SEMARANG, Diswayjateng.com – Hujan deras yang mengguyur Kota Semarang sejak Minggu 15 Februari 2026 malam hingga Senin 16 Februari 2026 dini hari menyebabkan tanggul di Perumahan Dinar Indah, Kelurahan Meteseh, Kecamatan Tembalang, jebol. Akibatnya, wilayah RW 26 terendam banjir dengan ketinggian air mencapai 1,5 meter. 

Peristiwa terjadi sekitar pukul 01.30 WIB. Air dengan cepat masuk ke kawasan permukiman dan mencapai puncaknya sekitar pukul 02.00 WIB. Warga yang sebagian masih terjaga segera menyelamatkan diri ke lokasi yang lebih tinggi. 

Ketua RW 26, Sigit Wardoyo, mengatakan banjir datang secara tiba-tiba setelah tanggul yang sebelumnya sempat mengalami kerusakan kembali jebol. 

“Tadi malam banjir datang sekitar pukul 01.30 WIB. Untungnya masih ada warga yang terjaga. Ternyata tanggul yang kemarin sempat jebol itu kembali jebol. Kami langsung mengevakuasi warga ke masjid yang posisinya lebih tinggi untuk pengungsian sementara,” ujar Sigit kepada Diswayjateng.id di lokasi kejadian, Senin pagi. 

Ia menjelaskan, aparat kelurahan dan kecamatan langsung turun ke lokasi pada malam kejadian untuk melakukan pengecekan. 

“Tadi malam Pak Lurah dan Pak Camat sudah turun mengecek kondisi. Pagi ini penanganan akan segera dilakukan, terutama untuk perbaikan tanggul yang jebol,” katanya. 

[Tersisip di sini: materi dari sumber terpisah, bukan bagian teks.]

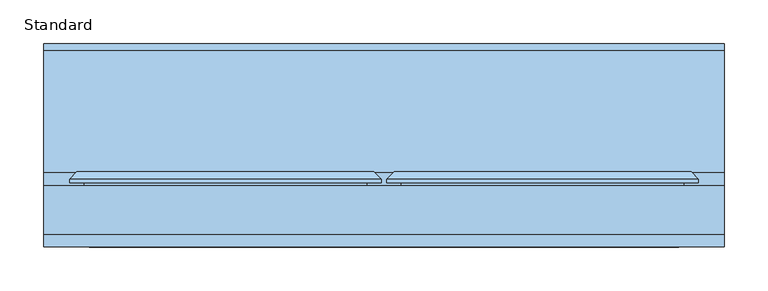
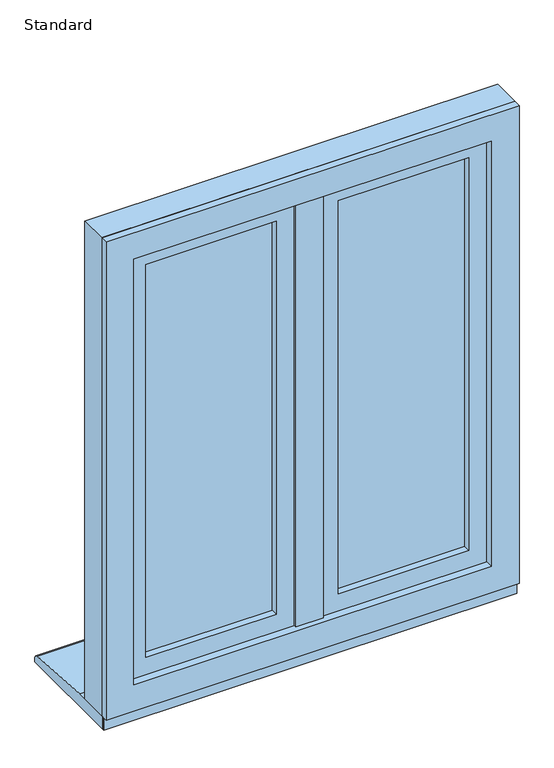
"""IFC4 building model written with IfcOpenShell, lengths in millimetres: window geometry, SMARTS_Alitherm600 : Standard."""

from ifc_helpers import new_model, si_unit, point, frame, frame_2d, origin, place, context, project, spatial, polyline, circle_curve, trimmed, segment, composite_curve, outline, extrude, faceted_brep, source, transform, mapped, element, save


def standard_f761ba24(model_context):
    return source(origin(), model_context, "Body", "SolidModel", [
        extrude(outline(polyline([(-9.4, 102.8298432), (9.4, 102.8298432), (9.4, 47.2458572), (-9.4, 47.2458572), (-9.4, 102.8298432)])), frame((0.0, 0.0, 670.8979117), z_axis=(0.0, 0.0, 1.0), x_axis=(1.0, 0.0, 0.0)), (0.0, 0.0, 1.0), 883.2041766),
        extrude(outline(polyline([(-25.9020883, 47.2458572), (25.9020883, 47.2458572), (25.9020883, 43.2798432), (-25.9020883, 43.2798432), (-25.9020883, 47.2458572)])), frame((0.0, 0.0, 687.4), z_axis=(0.0, 0.0, 1.0), x_axis=(1.0, 0.0, 0.0)), (0.0, 0.0, 1.0), 850.2),
        extrude(outline(polyline([(1516.6, -316.6), (708.4, -316.6), (708.4, -47.0), (1516.6, -47.0), (1516.6, -316.6)]), holes=[polyline([(1506.6, -57.0), (718.4, -57.0), (718.4, -306.6), (1506.6, -306.6), (1506.6, -57.0)])]), frame((0.0, 72.3211351, 0.0), z_axis=(0.0, 1.0, 0.0), x_axis=(0.0, 0.0, 1.0)), (0.0, 0.0, 1.0), 16.0),
        extrude(outline(polyline([(-316.6, 92.3211351), (-47.0, 92.3211351), (-47.0, 88.3211351), (-316.6, 88.3211351), (-316.6, 92.3211351)])), frame((0.0, 0.0, 708.4), z_axis=(0.0, 0.0, 1.0), x_axis=(1.0, 0.0, 0.0)), (0.0, 0.0, 1.0), 808.2),
        extrude(outline(polyline([(-316.6, 72.3211351), (-47.0, 72.3211351), (-47.0, 68.3211351), (-316.6, 68.3211351), (-316.6, 72.3211351)])), frame((0.0, 0.0, 708.4), z_axis=(0.0, 0.0, 1.0), x_axis=(1.0, 0.0, 0.0)), (0.0, 0.0, 1.0), 808.2),
        faceted_brep([(-46.6778853, 118.8818325, 1516.9221147), (-58.859976, 97.7818325, 1504.740024), (-304.740024, 97.7818325, 1504.740024), (-316.9221147, 118.8818325, 1516.9221147), (-41.9939506, 97.7818325, 1521.6060494), (-41.9939506, 118.8818325, 1521.6060494), (-321.6060494, 118.8818325, 1521.6060494), (-321.6060494, 97.7818325, 1521.6060494), (-304.740024, 97.7818325, 720.259976), (-316.9221147, 118.8818325, 708.0778853), (-321.6060494, 118.8818325, 703.3939506), (-321.6060494, 97.7818325, 703.3939506), (-58.859976, 97.7818325, 720.259976), (-46.6778853, 118.8818325, 708.0778853), (-41.9939506, 118.8818325, 703.3939506), (-41.9939506, 97.7818325, 703.3939506)], [[[0, 1, 2, 3]], [[4, 5, 6, 7]], [[3, 2, 8, 9]], [[7, 6, 10, 11]], [[9, 8, 12, 13]], [[11, 10, 14, 15]], [[13, 12, 1, 0]], [[5, 14, 10, 6], [3, 9, 13, 0]], [[15, 14, 5, 4]], [[7, 11, 15, 4], [1, 12, 8, 2]]]),
        extrude(outline(polyline([(681.552908, -343.447092), (681.552908, -20.152908), (1543.447092, -20.152908), (1543.447092, -343.447092), (681.552908, -343.447092)]), holes=[polyline([(1505.1, -305.1), (1505.1, -58.5), (719.9, -58.5), (719.9, -305.1), (1505.1, -305.1)])]), frame((0.0, 50.2798432, 0.0), z_axis=(0.0, 1.0, 0.0), x_axis=(0.0, 0.0, 1.0)), (0.0, 0.0, 1.0), 13.0853156),
        faceted_brep([(-321.6060494, 118.8818325, 1521.6060494), (-321.6060494, 63.3651588, 1521.6060494), (-321.6060494, 63.3651588, 703.3939506), (-321.6060494, 118.8818325, 703.3939506), (-41.9939506, 63.3651588, 703.3939506), (-41.9939506, 118.8818325, 703.3939506), (-41.9939506, 63.3651588, 1521.6060494), (-41.9939506, 118.8818325, 1521.6060494), (-360.3358988, 106.2818325, 1560.3358988), (-360.3358988, 110.3519831, 1560.3358988), (-360.3358988, 110.3519831, 664.6641012), (-360.3358988, 106.2818325, 664.6641012), (-3.2641012, 110.3519831, 664.6641012), (-3.2641012, 106.2818325, 664.6641012), (-3.2641012, 110.3519831, 1560.3358988), (-3.2641012, 106.2818325, 1560.3358988), (-343.7467657, 106.2818325, 1543.7467657), (-19.8532343, 106.2818325, 1543.7467657), (-19.8532343, 106.2818325, 681.2532343), (-343.7467657, 106.2818325, 681.2532343), (-351.8060494, 118.8818325, 1551.8060494), (-11.7939506, 118.8818325, 1551.8060494), (-11.7939506, 118.8818325, 673.1939506), (-351.8060494, 118.8818325, 673.1939506), (-343.7467657, 63.3651588, 1543.7467657), (-343.7467657, 63.3651588, 681.2532343), (-19.8532343, 63.3651588, 681.2532343), (-19.8532343, 63.3651588, 1543.7467657)], [[[0, 1, 2, 3]], [[3, 2, 4, 5]], [[5, 4, 6, 7]], [[7, 6, 1, 0]], [[8, 9, 10, 11]], [[11, 10, 12, 13]], [[13, 12, 14, 15]], [[11, 13, 15, 8], [16, 17, 18, 19]], [[15, 14, 9, 8]], [[20, 21, 22, 23], [3, 5, 7, 0]], [[24, 16, 19, 25]], [[25, 19, 18, 26]], [[26, 18, 17, 27]], [[25, 26, 27, 24], [1, 6, 4, 2]], [[27, 17, 16, 24]], [[9, 20, 23, 10]], [[10, 23, 22, 12]], [[12, 22, 21, 14]], [[14, 21, 20, 9]]]),
        extrude(outline(polyline([(1590.0, 390.0), (1590.0, -390.0), (635.0, -390.0), (635.0, 390.0), (1590.0, 390.0)]), holes=[polyline([(670.85, 354.15), (670.85, -354.15), (1554.15, -354.15), (1554.15, 354.15), (670.85, 354.15)])]), frame((0.0, 47.2798427, 0.0), z_axis=(0.0, 1.0, 0.0), x_axis=(0.0, 0.0, 1.0)), (0.0, 0.0, 1.0), 55.5500006),
        extrude(outline(polyline([(1590.0, 390.0), (1590.0, -390.0), (635.0, -390.0), (635.0, 390.0), (1590.0, 390.0)]), holes=[polyline([(687.35, 337.65), (687.35, -337.65), (1537.65, -337.65), (1537.65, 337.65), (687.35, 337.65)])]), frame((0.0, 32.8298432, 0.0), z_axis=(0.0, 1.0, 0.0), x_axis=(0.0, 0.0, 1.0)), (0.0, 0.0, 1.0), 14.4499994),
        extrude(outline(polyline([(1516.6, 47.0), (708.4, 47.0), (708.4, 316.6), (1516.6, 316.6), (1516.6, 47.0)]), holes=[polyline([(1506.6, 306.6), (718.4, 306.6), (718.4, 57.0), (1506.6, 57.0), (1506.6, 306.6)])]), frame((0.0, 72.3211351, 0.0), z_axis=(0.0, 1.0, 0.0), x_axis=(0.0, 0.0, 1.0)), (0.0, 0.0, 1.0), 16.0),
        extrude(outline(polyline([(47.0, 92.3211351), (316.6, 92.3211351), (316.6, 88.3211351), (47.0, 88.3211351), (47.0, 92.3211351)])), frame((0.0, 0.0, 708.4), z_axis=(0.0, 0.0, 1.0), x_axis=(1.0, 0.0, 0.0)), (0.0, 0.0, 1.0), 808.2),
        extrude(outline(polyline([(47.0, 72.3211351), (316.6, 72.3211351), (316.6, 68.3211351), (47.0, 68.3211351), (47.0, 72.3211351)])), frame((0.0, 0.0, 708.4), z_axis=(0.0, 0.0, 1.0), x_axis=(1.0, 0.0, 0.0)), (0.0, 0.0, 1.0), 808.2),
        faceted_brep([(316.9221147, 118.8818325, 1516.9221147), (304.740024, 97.7818325, 1504.740024), (58.859976, 97.7818325, 1504.740024), (46.6778853, 118.8818325, 1516.9221147), (321.6060494, 97.7818325, 1521.6060494), (321.6060494, 118.8818325, 1521.6060494), (41.9939506, 118.8818325, 1521.6060494), (41.9939506, 97.7818325, 1521.6060494), (58.859976, 97.7818325, 720.259976), (46.6778853, 118.8818325, 708.0778853), (41.9939506, 118.8818325, 703.3939506), (41.9939506, 97.7818325, 703.3939506), (304.740024, 97.7818325, 720.259976), (316.9221147, 118.8818325, 708.0778853), (321.6060494, 118.8818325, 703.3939506), (321.6060494, 97.7818325, 703.3939506)], [[[0, 1, 2, 3]], [[4, 5, 6, 7]], [[3, 2, 8, 9]], [[7, 6, 10, 11]], [[9, 8, 12, 13]], [[11, 10, 14, 15]], [[13, 12, 1, 0]], [[5, 14, 10, 6], [3, 9, 13, 0]], [[15, 14, 5, 4]], [[7, 11, 15, 4], [1, 12, 8, 2]]]),
        extrude(outline(polyline([(681.552908, 20.152908), (681.552908, 343.447092), (1543.447092, 343.447092), (1543.447092, 20.152908), (681.552908, 20.152908)]), holes=[polyline([(1505.1, 58.5), (1505.1, 305.1), (719.9, 305.1), (719.9, 58.5), (1505.1, 58.5)])]), frame((0.0, 50.2798432, 0.0), z_axis=(0.0, 1.0, 0.0), x_axis=(0.0, 0.0, 1.0)), (0.0, 0.0, 1.0), 13.0853156),
        faceted_brep([(41.9939506, 118.8818325, 1521.6060494), (41.9939506, 63.3651588, 1521.6060494), (41.9939506, 63.3651588, 703.3939506), (41.9939506, 118.8818325, 703.3939506), (321.6060494, 63.3651588, 703.3939506), (321.6060494, 118.8818325, 703.3939506), (321.6060494, 63.3651588, 1521.6060494), (321.6060494, 118.8818325, 1521.6060494), (3.2641012, 106.2818325, 1560.3358988), (3.2641012, 110.3519831, 1560.3358988), (3.2641012, 110.3519831, 664.6641012), (3.2641012, 106.2818325, 664.6641012), (360.3358988, 110.3519831, 664.6641012), (360.3358988, 106.2818325, 664.6641012), (360.3358988, 110.3519831, 1560.3358988), (360.3358988, 106.2818325, 1560.3358988), (19.8532343, 106.2818325, 1543.7467657), (343.7467657, 106.2818325, 1543.7467657), (343.7467657, 106.2818325, 681.2532343), (19.8532343, 106.2818325, 681.2532343), (11.7939506, 118.8818325, 1551.8060494), (351.8060494, 118.8818325, 1551.8060494), (351.8060494, 118.8818325, 673.1939506), (11.7939506, 118.8818325, 673.1939506), (19.8532343, 63.3651588, 1543.7467657), (19.8532343, 63.3651588, 681.2532343), (343.7467657, 63.3651588, 681.2532343), (343.7467657, 63.3651588, 1543.7467657)], [[[0, 1, 2, 3]], [[3, 2, 4, 5]], [[5, 4, 6, 7]], [[7, 6, 1, 0]], [[8, 9, 10, 11]], [[11, 10, 12, 13]], [[13, 12, 14, 15]], [[11, 13, 15, 8], [16, 17, 18, 19]], [[15, 14, 9, 8]], [[20, 21, 22, 23], [3, 5, 7, 0]], [[24, 16, 19, 25]], [[25, 19, 18, 26]], [[26, 18, 17, 27]], [[25, 26, 27, 24], [1, 6, 4, 2]], [[27, 17, 16, 24]], [[9, 20, 23, 10]], [[10, 23, 22, 12]], [[12, 22, 21, 14]], [[14, 21, 20, 9]]]),
        extrude(outline(polyline([(390.0, 43.2798432), (390.0, 40.7798432), (-390.0, 40.7798432), (-390.0, 43.2798432), (390.0, 43.2798432)])), frame((0.0, 0.0, 610.0), z_axis=(0.0, 0.0, 1.0), x_axis=(1.0, 0.0, 0.0)), (0.0, 0.0, 1.0), 31.0),
        extrude(outline(composite_curve([segment(polyline([(265.7798432, 610.0), (43.2798432, 610.0), (43.2798432, 635.0), (118.7798432, 635.0), (258.4770891, 625.9276664)]), True, "CONTINUOUS"), segment(trimmed(circle_curve(frame_2d((257.7798432, 617.9581088)), 8.0), [point((258.4770891, 625.9276664))], [point((265.7798432, 617.9581088))], False, "CARTESIAN"), True, "CONTINUOUS"), segment(polyline([(265.7798432, 617.9581088), (265.7798432, 610.0)]), True, "CONTINUOUS")], self_intersect=False)), frame((-390.0, 0.0, 0.0), z_axis=(1.0, 0.0, 0.0), x_axis=(0.0, 1.0, 0.0)), (0.0, 0.0, 1.0), 780.0),
    ])


if __name__ == "__main__":
    model = new_model("IFC4")
    model_context = context("Model", 3, world=origin())
    ifc_project = project(units=[si_unit("LENGTHUNIT", "METRE", prefix="MILLI")], contexts=[model_context])
    site = spatial("IfcSite", under=ifc_project)
    building = spatial("IfcBuilding", under=site)
    placement = place(None, origin())
    standard_shape = standard_f761ba24(model_context)
    element("IfcWindow", 1, ObjectType="SMARTS_Alitherm600 : Standard", at=placement, inside=building, context=model_context, shape_type="MappedRepresentation", body=[
        mapped(standard_shape, transform((0.0, 0.0, 0.0), x_axis=(1.0, 0.0, 0.0), y_axis=(0.0, 1.0, 0.0), z_axis=(0.0, 0.0, 1.0))),
    ])
    save(model, "model.ifc")

Sebagian warga RW 26 terpaksa mengungsi ke masjid setempat yang berada di area lebih tinggi. Hingga Senin pagi, tidak dilaporkan adanya korban jiwa dalam peristiwa tersebut.

Sigit menyebut banjir kali ini menjadi yang terparah dalam tiga tahun terakhir. 

“Tahun ini baru pertama. Yang paling parah sebelumnya terjadi 6 Januari 2023. Waktu itu sampai ada korban meninggal. Alhamdulillah, untuk kejadian sekarang tidak ada korban,” ungkapnya. 

Pantauan di lapangan pada Senin pagi menunjukkan warga mulai membersihkan sisa lumpur yang mengendap di dalam rumah dan jalan lingkungan. Perabotan rumah tangga dijemur, sementara sejumlah warga bergotong royong memperbaiki fasilitas yang terdampak. 

Selain di kawasan Meteseh, hujan lebat juga menyebabkan genangan di jalur nasional Kaligawe, salah satu akses utama di Kota Semarang. Sejumlah titik dilaporkan kembali terendam, memicu perlambatan arus lalu lintas pada jam sibuk pagi hari.